Last night I sat looking around the crazy people I call my friends all because of the church I go to. We played board games until late, chatted and just enjoyed each others company. These guys have been my biggest supporters and helped me through the tough times, when I lost my license (can't believe I can type 'when' there!) one of them offered to give me lifts home from work because she worked and lived near me (miss you L!). When I struggled with unemployment they picked me up and took me out for coffee and prayed for me.
Being a pastors kid means that I have had my fair share of churches and its tough finding your place in one. I have experienced small churches, medium churches and big churches at some stage in my life. I have gone to churches where I am not the pastors kid and am currently on my 4th church where I am the pastors kid (3rd I can remember).
The church I am now at has a history with me, at the end of year 12 my Dad left his job as a pastor where he had held the position for 7 years to study and my parents decided to go to this one but I didn't feel like I fit in and went to another one ( partly because I think I wanted to be my own person and not connected to my parents). I lasted at that church for over a year but when the position of associate pastor came up at this church and the position was perfect for my Dad I felt like I should give the church another chance. I did end up doing the whole juggling 2 churches thing for a while but eventually felt drawn to this one and after making it official last year by becoming a member I have no desire to leave.

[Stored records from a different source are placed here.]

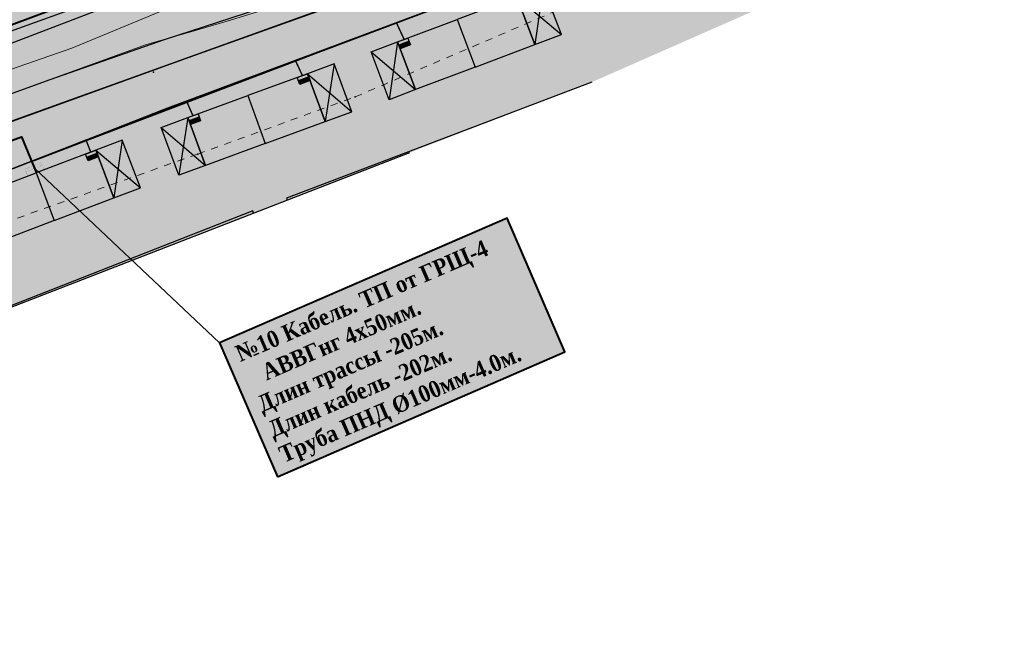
# Model space of a CAD drawing. Extents: x 4085 to 16701, y -65 to 10948.
# Tile 225 of 256: x 15198 to 15267, y 10793 to 10836. Entities that reach past the tile are written whole.
import ezdxf
from ezdxf.xclip import XClip

# ---------------------------------------------------------------- set-up
doc = ezdxf.new("R2010")
doc.units = 0
doc.header["$MEASUREMENT"] = 0
doc.header["$XCLIPFRAME"] = 0
doc.linetypes.add('CONTI', pattern=[0])
doc.linetypes.add('STRIHSMALL', pattern=[1, 0.5, -0.5])
doc.layers.get('0').update_dxf_attribs({"color": 250, "linetype": 'CONTI'})
for name, color, linetype in [('(0001) граница', 7, 'Continuous'), ('(035) Откосы', 7, 'Continuous'), ('PI_TTDEFAULT', 5, 'CONTI'), ('Электрика', 7, 'Continuous')]:
    doc.layers.add(name, color=color, linetype=linetype)
doc.layers.add('.', color=7, linetype='Continuous', lineweight=15)
doc.layers.add('0ZG - GOR-INCE', color=5, linetype='Continuous', lineweight=15)
doc.styles.get("Standard").update_dxf_attribs({"font": 'times.ttf'})
doc.linetypes.add('ОТКОСЫ_НЕУКР', pattern='A,0.5,["|",Standard,S=1.199999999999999,R=0,X=0,Y=-1.199999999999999],1,["|",Standard,S=0.5,R=0,X=0,Y=-0.5],0.5', length=2)
doc.linetypes.add('ОТКОСЫ_НЕУКР1', pattern='A,0.5,["|",Standard,S=-1.199999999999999,R=0,X=0,Y=1.199999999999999],1,["|",Standard,S=-0.5,R=0,X=0,Y=0.5],0.5', length=2)

# ---------------------------------------------------------------- blocks, each defined once
blk = doc.blocks.new('wedwedwedewdewd')
at = {"layer": '.', "linetype": 'Continuous'}
h = blk.add_hatch(color=256, dxfattribs=at)
h.dxf.hatch_style = 1
h.set_gradient(color1=(255, 217, 179), color2=(255, 209, 163), one_color=1, tint=0.8199999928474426, name='HEMISPHERICAL')
h.paths.add_polyline_path([(16128.6629179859, 10756.6104308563), (16126.6629179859, 10756.6104308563), (16126.6629179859, 10760.2104308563), (16128.6629179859, 10760.2104308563)])
h.paths.add_polyline_path([(16137.6629179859, 10756.6104308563), (16139.6629179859, 10756.6104308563), (16139.6629179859, 10760.2104308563), (16137.6629179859, 10760.2104308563)])
h = blk.add_hatch(color=256, dxfattribs=at)
h.dxf.hatch_style = 1
h.set_gradient(color1=(255, 127, 127), color2=(255, 133, 133), one_color=1, tint=0.7599999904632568, name='HEMISPHERICAL')
h.paths.add_polyline_path([(16133.1629179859, 10760.2104308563), (16133.1629179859, 10756.6104308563), (16137.6629179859, 10756.6104308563), (16137.6629179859, 10760.2104308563)])
h.paths.add_polyline_path([(16133.1629179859, 10760.2104308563), (16133.1629179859, 10756.6104308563), (16128.6629179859, 10756.6104308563), (16128.6629179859, 10760.2104308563)])
at = {"linetype": 'Continuous'}
for points in [[(16128.6629179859, 10756.6104308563), (16126.6629179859, 10756.6104308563), (16126.6629179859, 10760.2104308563), (16128.6629179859, 10760.2104308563)], [(16133.1629179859, 10760.2104308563), (16133.1629179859, 10756.6104308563), (16128.6629179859, 10756.6104308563), (16128.6629179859, 10760.2104308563)], [(16133.1629179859, 10760.2104308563), (16133.1629179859, 10756.6104308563), (16137.6629179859, 10756.6104308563), (16137.6629179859, 10760.2104308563)], [(16137.6629179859, 10756.6104308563), (16139.6629179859, 10756.6104308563), (16139.6629179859, 10760.2104308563), (16137.6629179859, 10760.2104308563)]]:
    blk.add_lwpolyline(points, close=True, dxfattribs=at)
for points in [[(16126.6629179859, 10760.2104308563), (16128.6629179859, 10756.6104308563)], [(16128.6629179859, 10760.2104308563), (16126.6629179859, 10756.6104308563)], [(16137.6629179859, 10760.2104308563), (16139.6629179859, 10756.6104308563)], [(16139.6629179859, 10760.2104308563), (16137.6629179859, 10756.6104308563)]]:
    blk.add_lwpolyline(points, dxfattribs=at)
blk = doc.blocks.new('DWQDWQDWQDW')
at = {"layer": '(035) Откосы', "color": 253, "linetype": 'ОТКОСЫ_НЕУКР1', "elevation": -0.6170000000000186, "flags": 128}
blk.add_lwpolyline([(16564.2685543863, 8940.05366447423), (16571.56438794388, 8940.049617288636), (16579.24229880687, 8940.682216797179), (16586.23834138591, 8939.28798064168), (16594.08376090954, 8937.329337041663), (16596.23756082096, 8937.07311931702), (16604.99378058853, 8932.406532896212), (16613.69562732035, 8927.074860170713), (16626.47846730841, 8919.280967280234), (16639.49087866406, 8911.319458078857), (16651.9820064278, 8903.85268458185), (16664.47700269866, 8896.490241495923), (16677.09143031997, 8889.065860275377), (16679.39855639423, 8887.981581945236), (16695.2108295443, 8881.729711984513), (16708.65326078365, 8876.525155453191), (16722.23698177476, 8871.77063759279), (16735.50823853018, 8868.774063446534), (16749.63002218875, 8865.606017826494), (16760.99577287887, 8864.573100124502), (16775.79265262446, 8863.378462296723), (16791.22906654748, 8862.267464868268), (16804.74432975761, 8861.94847750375), (16819.74132904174, 8861.653146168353), (16835.02693216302, 8861.360536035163), (16850.25698425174, 8861.043143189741), (16865.37728238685, 8860.79020800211), (16880.60442877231, 8860.5237254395), (16895.80853699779, 8860.385576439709), (16909.27623827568, 8864.858854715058), (16923.90202324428, 8869.7262688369), (16938.08048568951, 8874.446364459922), (16952.65749232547, 8879.342421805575), (16966.66929764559, 8883.988184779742), (16980.80614278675, 8888.7491203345), (16994.83943295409, 8893.431466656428), (16997.11785405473, 8894.36489901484), (17001.96598783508, 8896.979129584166), (17014.00648242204, 8903.364783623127), (17016.84216589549, 8904.618776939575), (17018.16922240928, 8905.356490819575), (17021.24240132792, 8907.064878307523), (17025.47054322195, 8909.6625474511)], dxfattribs=at)
at = {"layer": '(035) Откосы', "color": 253, "linetype": 'ОТКОСЫ_НЕУКР', "ltscale": 1.5, "elevation": -0.6170000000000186, "flags": 128}
blk.add_lwpolyline([(16739.45308839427, 8875.20530978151), (16758.92019256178, 8871.7201008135), (16785.23249284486, 8868.989124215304), (16834.46331352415, 8866.430057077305), (16872.30635476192, 8865.117805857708), (16894.6491773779, 8865.49292062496), (16897.6269511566, 8866.243948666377), (16919.04864691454, 8873.140999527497), (16955.05316177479, 8885.96822939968), (16990.55466388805, 8900.238315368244), (17022.49028712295, 8919.820872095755)], dxfattribs=at)
at = {"color": 253, "linetype": 'Continuous', "elevation": -0.6170000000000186}
for points in [[(16558.80255977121, 8945.946029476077), (16570.6070005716, 8947.717188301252, -0.07815532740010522), (16597.94249155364, 8942.058203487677), (16620.12967143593, 8929.197915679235, 0.02195865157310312), (16680.08866086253, 8893.238522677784, 0.01496813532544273), (16723.48298193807, 8876.757839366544), (16750.88513959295, 8870.57602320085), (16790.77832134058, 8867.279309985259), (16872.31370058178, 8863.893621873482), (16895.15054692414, 8864.321306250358), (16944.32124811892, 8880.133131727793), (16994.43535242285, 8899.563749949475), (17012.77464116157, 8910.375999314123), (17023.26825659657, 8917.9292242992)], [(16562.18063359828, 8941.934712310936), (16579.37002182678, 8942.908548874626), (16596.98241794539, 8939.147166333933), (16618.54894594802, 8926.646625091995, 0.02197958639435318), (16678.79663357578, 8890.526571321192, 0.01507167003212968), (16722.66014219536, 8873.868075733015), (16750.42929275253, 8867.603467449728), (16790.58345219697, 8864.285187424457, 0.01330051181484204), (16847.98186172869, 8863.082048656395), (16895.37651316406, 8862.057228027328), (16949.57757229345, 8880.2725550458, 0.04650476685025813), (16996.14201924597, 8896.840733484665), (17017.23438593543, 8907.707821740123), (17025.51246180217, 8912.472396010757)]]:
    blk.add_lwpolyline(points, format="xyb", dxfattribs=at)
at = {"color": 253, "linetype": 'STRIHSMALL', "elevation": -0.2409999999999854}
blk.add_lwpolyline([(16593.21583156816, 8931.924035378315), (16614.44362853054, 8919.185168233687), (16675.036071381, 8883.007916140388), (16720.64128200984, 8865.661257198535), (16749.28270343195, 8859.111734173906), (16790.49098786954, 8855.53213624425), (16849.99348042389, 8854.548292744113), (16896.48786096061, 8853.889257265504), (16953.02450571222, 8872.4673090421), (16964.2357470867, 8876.242711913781), (17016.50260233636, 8897.154158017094)], dxfattribs=at)
at = {"layer": 'PI_TTDEFAULT', "color": 253}
for p in [(16952.65749232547, 8879.342421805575, -0.3420000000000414), (16950.03828657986, 8878.325232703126, -0.23599999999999), (16964.2357470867, 8876.242711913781, -0.1310000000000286), (16953.02450571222, 8872.4673090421, -0.1619999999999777)]:
    blk.add_point(p, dxfattribs=at)
blk = doc.blocks.new('A$C10aa157c')
at = {"layer": '.', "linetype": 'Continuous', "lineweight": 50}
h = blk.add_hatch(color=4, dxfattribs=at)
h.dxf.hatch_style = 1
h.set_gradient(color1=(0, 255, 255), color2=(0, 255, 255), one_color=1, tint=0.5)
edge = h.paths.add_edge_path()
edge.add_line((117.4324962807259, 25.8464246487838), (111.2859458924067, 22.04202636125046))
edge.add_line((111.2859458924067, 22.04202636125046), (90.49397812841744, 10.57433190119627))
edge.add_line((90.49397812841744, 10.57433190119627), (88.23807309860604, 9.587726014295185))
edge.add_line((88.23807309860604, 9.587726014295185), (6.163735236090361, -19.95635591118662))
edge.add_arc((-27.70549202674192, 74.13336427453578), 100.0000000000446, 270.3128248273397, 289.7972202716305, ccw=False)
edge.add_line((-27.15951241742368, -25.86514524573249), (-114.5854871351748, -26.34248035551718))
edge.add_line((-114.5854871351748, -26.34248035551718), (-131.8038967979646, -25.51755084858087))
edge.add_line((-131.8038967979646, -25.51755084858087), (-156.2513825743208, -23.98036590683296))
edge.add_line((-156.2513825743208, -23.98036590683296), (-183.7814535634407, -18.45982324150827))
edge.add_line((-183.7814535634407, -18.45982324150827), (-197.4729350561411, -14.02515858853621))
edge.add_line((-197.4729350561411, -14.02515858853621), (-226.9882538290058, -3.257921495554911))
edge.add_line((-226.9882538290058, -3.257921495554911), (-229.3201723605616, -2.22804471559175))
edge.add_line((-229.3201723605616, -2.22804471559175), (-266.0129081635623, 18.33381446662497))
edge.add_line((-266.0129081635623, 18.33381446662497), (-302.414357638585, 39.40997971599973))
edge.add_line((-302.414357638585, 39.40997971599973), (-311.2653128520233, 44.05475481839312))
edge.add_arc((-5824.953526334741, -31255.54911888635), 31781.53489632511, 80.00936784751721, 80.04077242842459)
edge.add_arc((-344.2962635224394, -73.22361097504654), 121.3386725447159, 82.48260712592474, 104.7849835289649)
edge.add_line((-375.2609654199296, 44.0975750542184), (-422.1471010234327, 28.59770207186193))
edge.add_line((-422.1471010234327, 28.59770207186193), (-424.8801888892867, 34.73041368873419))
edge.add_line((-424.8801888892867, 34.73041368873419), (-369.9069065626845, 51.63645814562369))
edge.add_arc((-345.3716680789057, -51.17261419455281), 105.6961838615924, 80.20076656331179, 103.42249696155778, ccw=False)
edge.add_line((-327.3825670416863, 52.98148090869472), (-309.305153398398, 49.80210033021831))
edge.add_line((-309.305153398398, 49.80210033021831), (-299.5158731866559, 44.66491412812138))
edge.add_line((-299.5158731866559, 44.66491412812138), (-263.0429987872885, 23.54739438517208))
edge.add_line((-263.0429987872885, 23.54739438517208), (-226.6355735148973, 3.145417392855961))
edge.add_line((-226.6355735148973, 3.145417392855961), (-224.7456836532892, 2.310759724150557))
edge.add_line((-224.7456836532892, 2.310759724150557), (-195.5197359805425, -8.350914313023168))
edge.add_line((-195.5197359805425, -8.350914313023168), (-182.2621487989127, -12.64504079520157))
edge.add_line((-182.2621487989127, -12.64504079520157), (-155.4697206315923, -18.01766561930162))
edge.add_line((-155.4697206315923, -18.01766561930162), (-131.4720545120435, -19.52656724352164))
edge.add_line((-131.4720545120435, -19.52656724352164), (-114.4582114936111, -20.34169601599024))
edge.add_line((-114.4582114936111, -20.34169601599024), (-27.19227119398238, -19.86523467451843))
edge.add_arc((-27.70549202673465, 74.13336427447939), 93.99999999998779, 270.3128248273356, 289.7972202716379)
edge.add_line((4.131581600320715, -14.31097270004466), (86.01742751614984, 15.16525827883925))
edge.add_line((86.01742751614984, 15.16525827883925), (87.83742534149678, 15.96122288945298))
edge.add_line((87.83742534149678, 15.96122288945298), (108.2562857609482, 27.2231320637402))
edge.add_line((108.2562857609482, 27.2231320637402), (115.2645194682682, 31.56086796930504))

I have grown in this church and know I will do a lot more growing behind those doors in the years to come. I have been recruited to do Sunday school, help out at holiday programs (which left me with a killer cold and took a week to recover from!) and bake for many events (mainly thanks to my Dad) and each one has allowed me to showcase my gifts.
The community of this church is amazing with board games every Saturday night with the young adults and knowing that you can call on anyone in the congregation when you are down. I am proud to tell people where I go to church and what we are known for (ultimate Frisbee, board games and puns) and know that no matter how bad I am feeling and what has been going on in my life I can walk through those doors and feel at peace.